Ghost Town – Mathieu Van Assche
La ville est là à nos pieds. Noire, un peu sale, neigeuse. Et Mathieu Van Assche en fait son terrain de jeu ou de chasse, on ne sait pas trop et c’est très bien ainsi.
Avec son nouveau fanzine, Ghost Town, paru chez l’éditeur américain Tour Dogs, le photographe belge poursuit cette exploration inlassable d’une ville immense, inédite, faîte de vides, de vents et d’ombres. Avec lui toutes les villes ressemblent à Gotham, mais sans Batman.
©Mathieu Van Assche |
Il neige sur la ville. Le froid transperce de rares habitants qui semblent fuir dos courbé. Quoi, qui ? Rien ou tout.
A un carrefour s’érige un immeuble couvert d’échafaudages, les bâches claquent au vent et les chiens ne sont pas de gentils toutous.
La ville et ses fantômes ressemblent à un tombeau, une nécropole dans lequel le photographe déambule à la recherche d’on ne sait quoi. Un résultat ? Une réponse ? Mais à quelle énigme et à quelle question…
Alors, il va plus loin, au prochain carrefour, à la prochaine rencontre. La tension est palpable, le coeur bat à peine plus vite, tout est à découvrir même ce que nous connaissons.
©Mathieu Van Assche |
L’œuvre de Mathieu Van Assche se construit peu à peu, pas à pas, dans ces errances au cœur de villes innommables. Où sommes-nous ? Quand ?
Il est bien difficile de le savoir tant ces cités se ressemblent toutes, génèrent toutes des questionnements des interrogations. Les villes sont des êtres vivants, autonomes, tentaculaires et labyrinthiques. Elles ne sont ni belles, ni laides. Elles sont tout simplement.

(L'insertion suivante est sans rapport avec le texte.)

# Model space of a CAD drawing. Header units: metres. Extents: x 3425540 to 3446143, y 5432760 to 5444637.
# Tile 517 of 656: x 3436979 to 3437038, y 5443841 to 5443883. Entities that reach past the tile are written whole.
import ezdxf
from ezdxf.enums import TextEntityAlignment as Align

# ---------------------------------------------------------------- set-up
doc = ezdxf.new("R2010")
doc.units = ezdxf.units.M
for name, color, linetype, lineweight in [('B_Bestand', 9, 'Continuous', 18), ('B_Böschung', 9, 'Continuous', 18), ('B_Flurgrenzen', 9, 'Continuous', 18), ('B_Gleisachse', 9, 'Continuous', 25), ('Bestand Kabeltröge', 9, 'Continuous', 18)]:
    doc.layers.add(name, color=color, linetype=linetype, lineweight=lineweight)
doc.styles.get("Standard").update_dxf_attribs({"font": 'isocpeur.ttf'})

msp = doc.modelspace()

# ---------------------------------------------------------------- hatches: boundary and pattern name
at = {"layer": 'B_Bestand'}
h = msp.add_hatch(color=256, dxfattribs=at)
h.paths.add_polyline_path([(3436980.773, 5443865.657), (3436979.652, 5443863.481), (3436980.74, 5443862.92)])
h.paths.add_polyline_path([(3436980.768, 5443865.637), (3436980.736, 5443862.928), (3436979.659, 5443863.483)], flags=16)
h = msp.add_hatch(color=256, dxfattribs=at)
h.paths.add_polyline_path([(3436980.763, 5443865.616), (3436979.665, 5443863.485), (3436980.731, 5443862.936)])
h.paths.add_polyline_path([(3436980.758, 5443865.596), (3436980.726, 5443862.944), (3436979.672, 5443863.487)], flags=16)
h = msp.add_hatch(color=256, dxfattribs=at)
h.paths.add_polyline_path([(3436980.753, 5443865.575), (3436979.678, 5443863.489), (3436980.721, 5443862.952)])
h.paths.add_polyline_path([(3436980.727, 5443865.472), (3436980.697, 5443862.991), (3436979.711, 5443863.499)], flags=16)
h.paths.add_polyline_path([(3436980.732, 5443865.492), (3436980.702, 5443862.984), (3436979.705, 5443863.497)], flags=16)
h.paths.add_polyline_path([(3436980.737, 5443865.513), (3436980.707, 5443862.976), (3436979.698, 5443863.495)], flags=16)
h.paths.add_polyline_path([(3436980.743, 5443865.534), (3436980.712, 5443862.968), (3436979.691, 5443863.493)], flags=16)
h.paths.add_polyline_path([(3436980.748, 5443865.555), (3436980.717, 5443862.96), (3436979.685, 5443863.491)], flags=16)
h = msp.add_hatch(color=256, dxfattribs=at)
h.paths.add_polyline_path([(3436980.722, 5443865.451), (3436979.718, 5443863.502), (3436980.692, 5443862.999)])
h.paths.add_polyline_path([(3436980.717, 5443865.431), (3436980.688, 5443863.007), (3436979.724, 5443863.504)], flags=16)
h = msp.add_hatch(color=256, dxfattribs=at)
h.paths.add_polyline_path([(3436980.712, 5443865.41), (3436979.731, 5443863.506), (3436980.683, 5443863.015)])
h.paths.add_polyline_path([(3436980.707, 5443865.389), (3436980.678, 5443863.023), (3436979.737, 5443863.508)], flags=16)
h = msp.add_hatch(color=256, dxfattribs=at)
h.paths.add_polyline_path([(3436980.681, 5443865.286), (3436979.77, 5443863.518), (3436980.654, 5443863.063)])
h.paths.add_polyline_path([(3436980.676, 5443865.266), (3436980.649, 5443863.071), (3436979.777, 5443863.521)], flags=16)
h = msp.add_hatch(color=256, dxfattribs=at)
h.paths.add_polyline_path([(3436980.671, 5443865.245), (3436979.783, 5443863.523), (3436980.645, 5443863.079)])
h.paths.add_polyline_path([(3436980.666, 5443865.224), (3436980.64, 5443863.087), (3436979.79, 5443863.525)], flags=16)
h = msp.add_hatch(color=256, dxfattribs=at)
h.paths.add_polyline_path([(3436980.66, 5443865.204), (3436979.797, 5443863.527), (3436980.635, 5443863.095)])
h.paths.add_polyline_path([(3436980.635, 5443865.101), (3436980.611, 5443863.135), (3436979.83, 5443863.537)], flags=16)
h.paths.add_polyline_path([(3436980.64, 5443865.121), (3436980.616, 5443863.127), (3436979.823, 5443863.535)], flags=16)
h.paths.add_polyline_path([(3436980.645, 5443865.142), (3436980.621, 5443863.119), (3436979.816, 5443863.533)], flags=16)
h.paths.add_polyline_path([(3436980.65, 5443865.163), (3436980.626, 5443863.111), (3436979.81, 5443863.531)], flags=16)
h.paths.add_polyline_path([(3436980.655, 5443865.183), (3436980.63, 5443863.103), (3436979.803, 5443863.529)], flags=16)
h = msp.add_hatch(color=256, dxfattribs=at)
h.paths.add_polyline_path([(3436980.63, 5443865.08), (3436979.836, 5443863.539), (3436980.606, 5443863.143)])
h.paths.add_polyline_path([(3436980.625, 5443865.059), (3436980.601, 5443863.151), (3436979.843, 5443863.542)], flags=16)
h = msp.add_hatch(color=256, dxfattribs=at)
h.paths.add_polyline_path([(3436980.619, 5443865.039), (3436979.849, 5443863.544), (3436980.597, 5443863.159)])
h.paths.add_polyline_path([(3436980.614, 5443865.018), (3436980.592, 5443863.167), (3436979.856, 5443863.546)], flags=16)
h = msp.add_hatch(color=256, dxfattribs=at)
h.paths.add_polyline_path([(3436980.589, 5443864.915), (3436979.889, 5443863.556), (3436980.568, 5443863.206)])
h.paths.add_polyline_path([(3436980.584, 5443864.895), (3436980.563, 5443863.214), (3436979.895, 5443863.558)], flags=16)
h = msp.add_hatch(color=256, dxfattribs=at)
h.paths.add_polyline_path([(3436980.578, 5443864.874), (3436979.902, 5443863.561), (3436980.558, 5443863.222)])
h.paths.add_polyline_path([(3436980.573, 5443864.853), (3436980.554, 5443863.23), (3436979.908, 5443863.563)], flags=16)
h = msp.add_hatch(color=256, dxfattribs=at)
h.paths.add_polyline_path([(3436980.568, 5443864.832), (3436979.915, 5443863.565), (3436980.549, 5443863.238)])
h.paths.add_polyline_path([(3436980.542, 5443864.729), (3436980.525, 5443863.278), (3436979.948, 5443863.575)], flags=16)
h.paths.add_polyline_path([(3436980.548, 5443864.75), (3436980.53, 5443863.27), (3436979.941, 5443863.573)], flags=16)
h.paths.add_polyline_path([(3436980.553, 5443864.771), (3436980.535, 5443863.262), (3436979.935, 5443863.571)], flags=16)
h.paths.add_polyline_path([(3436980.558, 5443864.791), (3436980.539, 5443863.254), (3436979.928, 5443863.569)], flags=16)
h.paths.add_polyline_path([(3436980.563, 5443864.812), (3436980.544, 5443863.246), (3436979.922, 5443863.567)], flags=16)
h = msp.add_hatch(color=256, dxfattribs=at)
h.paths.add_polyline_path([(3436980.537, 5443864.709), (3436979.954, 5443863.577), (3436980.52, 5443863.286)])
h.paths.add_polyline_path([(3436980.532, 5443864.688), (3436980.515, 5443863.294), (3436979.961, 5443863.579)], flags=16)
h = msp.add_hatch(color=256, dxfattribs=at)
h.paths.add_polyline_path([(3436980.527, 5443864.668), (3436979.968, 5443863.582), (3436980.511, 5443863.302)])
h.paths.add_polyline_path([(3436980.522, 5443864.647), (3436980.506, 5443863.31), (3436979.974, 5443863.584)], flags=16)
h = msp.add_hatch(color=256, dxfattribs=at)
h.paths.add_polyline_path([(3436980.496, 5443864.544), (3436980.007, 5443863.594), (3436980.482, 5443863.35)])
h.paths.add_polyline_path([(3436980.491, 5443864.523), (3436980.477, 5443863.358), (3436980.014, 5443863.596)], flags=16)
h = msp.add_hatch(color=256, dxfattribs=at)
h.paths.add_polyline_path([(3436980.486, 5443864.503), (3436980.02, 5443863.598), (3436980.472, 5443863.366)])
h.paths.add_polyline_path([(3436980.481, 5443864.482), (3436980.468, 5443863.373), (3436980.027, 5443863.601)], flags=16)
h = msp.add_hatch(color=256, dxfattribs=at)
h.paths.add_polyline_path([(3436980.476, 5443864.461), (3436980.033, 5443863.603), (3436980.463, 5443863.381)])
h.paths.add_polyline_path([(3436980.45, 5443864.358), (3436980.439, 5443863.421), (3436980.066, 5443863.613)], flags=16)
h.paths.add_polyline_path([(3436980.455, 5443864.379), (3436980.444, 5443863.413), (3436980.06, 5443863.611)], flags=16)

Initiée avec ses ouvrages précédents (notamment Kleptoman 1 et 2) la photographie urbaine de Mathieu invite à la réflexion.
©Mathieu Van Assche |
Qu’est-ce que la ville ? Qu’a-t-elle à nous offrir ? Nous sommes bien souvent obnubilés par deux approches de l’espace urbain : un attrait touristique et un choix de résidence.
Par le premier nous voyons s’accumuler des hordes de touristes en des lieux définis et parfois, malheureusement, les touristes c’est nous. Mais que savent-ils de la ville ? Rien ou si peu. Quelques monuments, toujours les mêmes, quelques clichés galvaudés, des choses trop vues.
Par le second nous finissons, une fois installés dans une ville, par l’oublier. Les trajets du quotidien, les soucis personnels, la vie font que disparaissent les alentours, les bâtiments, la cité.
Mathieu Van Assche, lui, n’oublie rien, voit tout. Avec ses images il se veut exhaustif d’une réalité que nous ignorons ou délaissons. Ce qui pourrait passer pour des espaces délétères, sans intérêts, vagues devient l’élément central d’une photographie pleine d’étrangetés (renforcée par des manipulations sur les images).
©Mathieu Van Assche |
Lire Ghost Town c’est repenser ce que nous ne voyons plus, c’est prendre le temps de s’arrêter sur ces murs gris, ces structures d’acier et ça peu importe où nous sommes, peu importe le nom de la cité.
Il y a partout des lieux où personne ne va qui semblent déserts, vides de sens et d’habitants. Il y a partout des chiens aux yeux fous, des vieillards et des pluies glaçantes.
A nous de les voir. Et si vraiment nous n’y arrivons pas, alors plongeons avec délice dans les livres de Mathieu Van Assche.